For comparison, I sketched out a minimal schema that would run the query above:

Minimal script

require "bundler/inline"

gemfile do
  gem "graphql", "1.13.8"
end
require "ostruct"
require "benchmark"

class ExampleSchema < GraphQL::Schema
  class Connection < GraphQL::Schema::Object
    field :connection_id, ID
    field :connection_sha, String
    field :created_at, String
    field :database, String
    field :database_sha, String
    field :description, String
    field :firebase_id, ID
    field :folder_id, ID
    field :id, ID
    field :last_opened_at, String
    field :last_opened_by_me, String
    field :last_ran_by_me, String
    field :last_run_at, String
    field :name, String
    field :others_can_edit, Boolean
    field :others_can_view, Boolean
    field :password_protected, Boolean
    field :public, Boolean
    field :ran_by_me_count, Integer
    field :role, String
    field :run_count, Integer
    field :statement, String
    field :updated_at, String
    field :user_id, ID
    field :warehouse, String
  end

  class Query < GraphQL::Schema::Object
    field :connectionsV2, [Connection], connection: false do
      argument :user_id, ID, required: false
    end
  end

  query(Query)
end

query = <<-GRAPHQL
query connections($userId: ID) {
  connectionsV2(userId: $userId) {
    connectionId
    connectionSha
    createdAt
    database
    databaseSha
    description
    firebaseId
    folderId
    id
    lastOpenedAt
    lastOpenedByMe
    lastRanByMe
    lastRunAt
    name
    othersCanEdit
    othersCanView
    passwordProtected
    public
    ranByMeCount
    role
    runCount
    statement
    updatedAt
    userId
    warehouse
  }
}
GRAPHQL

data = 1000.times.map { {} }
result = nil
Benchmark.bm { |x|
  x.report {
    result = ExampleSchema.execute(query, root_value: { connectionsV2: data })
  }
}
# pp result
puts "Result size: #{result["data"]["connectionsV2"].size}"

GraphQL-Ruby 1.13.8 takes 0.25s to run that query on my machine:

$ ruby perf_test.rb
       user     system      total        real
   0.228234   0.001495   0.229729 (  0.230060)
Result size: 1000

Anyhow, that doesn't mean improvements to the gem couldn't improve the stack trace you shared.

For example, GraphQL-Ruby calls respond_to?(...) every time to see if a field should call a method. In the flamegraph you posted above, it turns out to be pretty expensive, judging by the number of nested calls that show up there. In theory, graphql-ruby could "JIT" and remember how it resolved a field last time it ran. But that'd be a pretty big change, and since schemas are shared between queries, it'd be hard to implement in a non-race-y way.

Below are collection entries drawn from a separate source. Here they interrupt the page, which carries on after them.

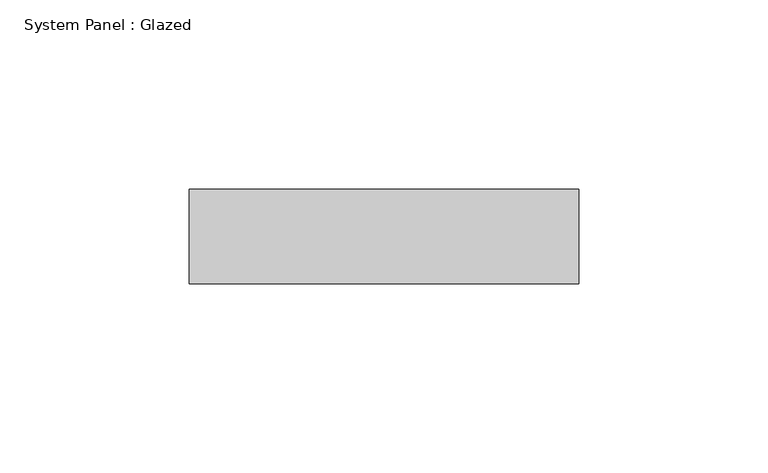
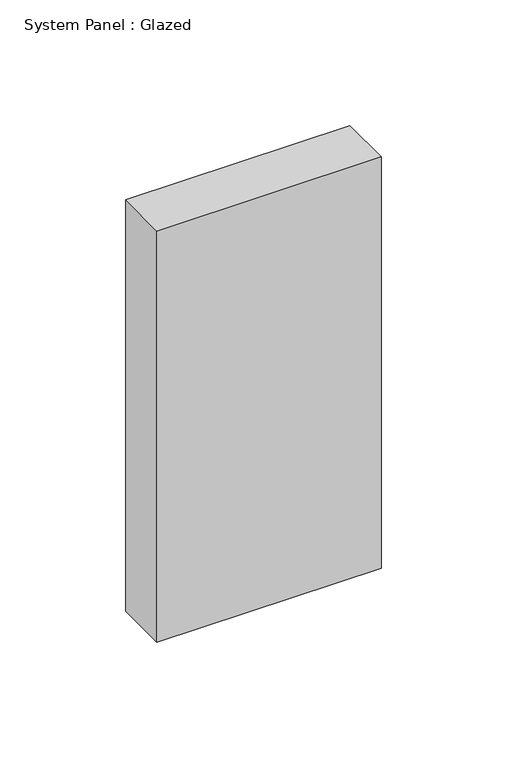
"""IFC4 building model written with IfcOpenShell, lengths in millimetres: plate geometry, System Panel : Glazed."""

from ifc_helpers import new_model, si_unit, origin, origin_with_axes, place, context, project, spatial, polyline, outline, extrude, source, transform, mapped, element, save


def system_panel_glazed_4b393385(model_context):
    return source(origin(), model_context, "Body", "SweptSolid", [
        extrude(outline(polyline([(51.5698685, 24.5), (-51.5698685, 24.5), (-51.5698685, 49.5), (51.5698685, 49.5), (51.5698685, 24.5)])), origin_with_axes(), (0.0, 0.0, 1.0), 200.0),
    ])


if __name__ == "__main__":
    model = new_model("IFC4")
    model_context = context("Model", 3, world=origin())
    ifc_project = project(units=[si_unit("LENGTHUNIT", "METRE", prefix="MILLI")], contexts=[model_context])
    site = spatial("IfcSite", under=ifc_project)
    building = spatial("IfcBuilding", under=site)
    placement = place(None, origin())
    system_panel_glazed_shape = system_panel_glazed_4b393385(model_context)
    element("IfcPlate", 1, ObjectType="System Panel : Glazed", at=placement, inside=building, context=model_context, shape_type="MappedRepresentation", body=[
        mapped(system_panel_glazed_shape, transform((0.0, 0.0, 0.0), x_axis=(1.0, 0.0, 0.0), y_axis=(0.0, 1.0, 0.0), z_axis=(0.0, 0.0, 1.0))),
    ])
    save(model, "model.ifc")

# Revit data of these elements
# Element 1 (IfcPlate, "System Panel : Glazed")
#   Materials on its faces: "Glass"
# Materials
#   "Glass": class "Glass", colour RGB 218 227 224, transparency 0.85, Description = "Soda Lime Glass", Cost = 0
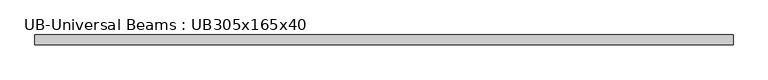
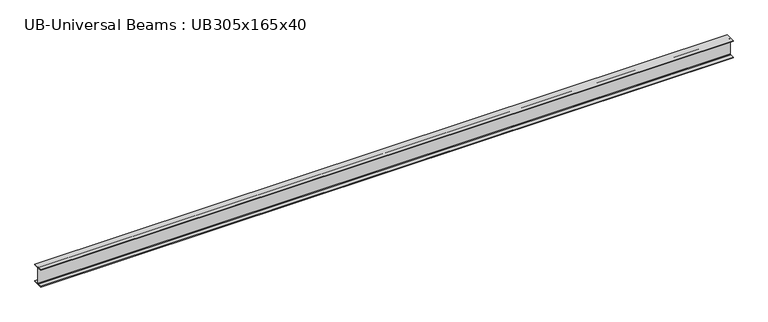
"""IFC4 building model written with IfcOpenShell, lengths in millimetres: member geometry, UB-Universal Beams : UB305x165x40."""

from ifc_helpers import new_model, si_unit, point, frame, frame_2d, origin, place, context, project, spatial, polyline, circle_curve, trimmed, segment, composite_curve, outline, extrude, source, transform, mapped, element, save


def ub_universal_beams_ub305x165x40_035d116d(model_context):
    return source(origin(), model_context, "Body", "SweptSolid", [
        extrude(outline(composite_curve([segment(polyline([(82.5, -141.5), (82.5, -151.7), (-82.5, -151.7), (-82.5, -141.5), (-11.9, -141.5)]), True, "CONTINUOUS"), segment(trimmed(circle_curve(frame_2d((-11.9, -132.6)), 8.9), [point((-11.9, -141.5))], [point((-3.0, -132.6))], True, "CARTESIAN"), True, "CONTINUOUS"), segment(polyline([(-3.0, -132.6), (-3.0, 132.6)]), True, "CONTINUOUS"), segment(trimmed(circle_curve(frame_2d((-11.9, 132.6)), 8.9), [point((-3.0, 132.6))], [point((-11.9, 141.5))], True, "CARTESIAN"), True, "CONTINUOUS"), segment(polyline([(-11.9, 141.5), (-82.5, 141.5), (-82.5, 151.7), (82.5, 151.7), (82.5, 141.5), (11.9, 141.5)]), True, "CONTINUOUS"), segment(trimmed(circle_curve(frame_2d((11.9, 132.6)), 8.9), [point((11.9, 141.5))], [point((3.0, 132.6))], True, "CARTESIAN"), True, "CONTINUOUS"), segment(polyline([(3.0, 132.6), (3.0, -132.6)]), True, "CONTINUOUS"), segment(trimmed(circle_curve(frame_2d((11.9, -132.6)), 8.9), [point((3.0, -132.6))], [point((11.9, -141.5))], True, "CARTESIAN"), True, "CONTINUOUS"), segment(polyline([(11.9, -141.5), (82.5, -141.5)]), True, "CONTINUOUS")], self_intersect=False)), frame((-5621.65, 0.0, 0.0), z_axis=(1.0, 0.0, 0.0), x_axis=(0.0, 1.0, 0.0)), (0.0, 0.0, 1.0), 11577.5),
    ])


if __name__ == "__main__":
    model = new_model("IFC4")
    model_context = context("Model", 3, world=origin())
    ifc_project = project(units=[si_unit("LENGTHUNIT", "METRE", prefix="MILLI")], contexts=[model_context])
    site = spatial("IfcSite", under=ifc_project)
    building = spatial("IfcBuilding", under=site)
    placement = place(None, origin())
    ub_universal_beams_ub305x165x40_shape = ub_universal_beams_ub305x165x40_035d116d(model_context)
    element("IfcMember", 1, ObjectType="UB-Universal Beams : UB305x165x40", at=placement, inside=building, context=model_context, shape_type="MappedRepresentation", body=[
        mapped(ub_universal_beams_ub305x165x40_shape, transform((0.0, 0.0, 0.0), x_axis=(1.0, 0.0, 0.0), y_axis=(0.0, 1.0, 0.0), z_axis=(0.0, 0.0, 1.0))),
    ])
    save(model, "model.ifc")

# Revit data of these elements
# Type "UB-Universal Beams : UB305x165x40"
#   Section Name Key = "UB305X165X40"
#   Width = 16.5 cm
#   Web Thickness = 0.6 cm
#   Web Fillet = 0.89 cm
#   Warping Constant = 164000.0 cm⁶
#   Torsional Moment of Inertia = 14.70 cm⁴
#   Section Area = 51.3 cm²
#   Plastic Modulus weak axis = 142.0 cm³
#   Plastic Modulus strong axis = 623.0 cm³
#   Nominal Weight = 40.2999 kgf/m
#   Moment of Inertia weak axis = 764.00 cm⁴
#   Moment of Inertia strong axis = 8503.00 cm⁴
#   Height = 30.34 cm
#   Flange Thickness = 1.02 cm
#   Elastic Modulus weak axis = 92.6 cm³
#   Elastic Modulus strong axis = 560.0 cm³
#   Centroid Vertical = 15.17 cm
#   Centroid Horizontal = 8.25 cm
#   Bolt Spacing = 9.0 cm
#   Length [instance default] = 1500 mm
#   Structural Material [instance default] = Metal - Steel 43-275
#   Type Comments = ""
#   Assembly Code = ""
# Element 1 (IfcMember, "UB-Universal Beams : UB305x165x40")
#   Materials on its faces: "Metal - Steel 43-275"
# Materials
#   "Metal - Steel 43-275": class "Metal", colour RGB 247 247 247, transparency 0, Cost = 0

Unfortunately, I'm not able to glean any actionable items from that flamegraph :confounded: If you want to keep investigating, you could try gathering a raw: true dump from StackProf (https://github.com/tmm1/stackprof). One advantage to stackprof is that it quantifies how many samples have each method on the top of their trace -- it might clarify exactly what's doing work vs. what's waiting. (The large green part of the attached flamegraph is GraphQL -- but most of the methods in that backtrace are just sitting there, waiting for method calls to return. ) Additionally, it would provide an easier-to-grok table of exactly which parts of GraphQL-Ruby overhead are taking the longest in this case. (Scanning the flamegraph, I don't see anything out of order -- just a lot of methods I've already tried to make as fast as I can! But maybe something new would show up from that perspective).

A memory profile with memory_profiler might also yield some useful feedback. Although it's not a 1:1 connection between memory and runtime performance, sometimes object allocations provide insight into poor performance at the code's hotspots.

rmosolgo avatar Mar 01 '22 20:03 rmosolgo

I don't have plans for any more work specifically from this issue, so I'll close it. But I have been doing a lot of performance work lately, so I hope you'll find better performance on 2.0.18 and 2.0.19 (and future versions)!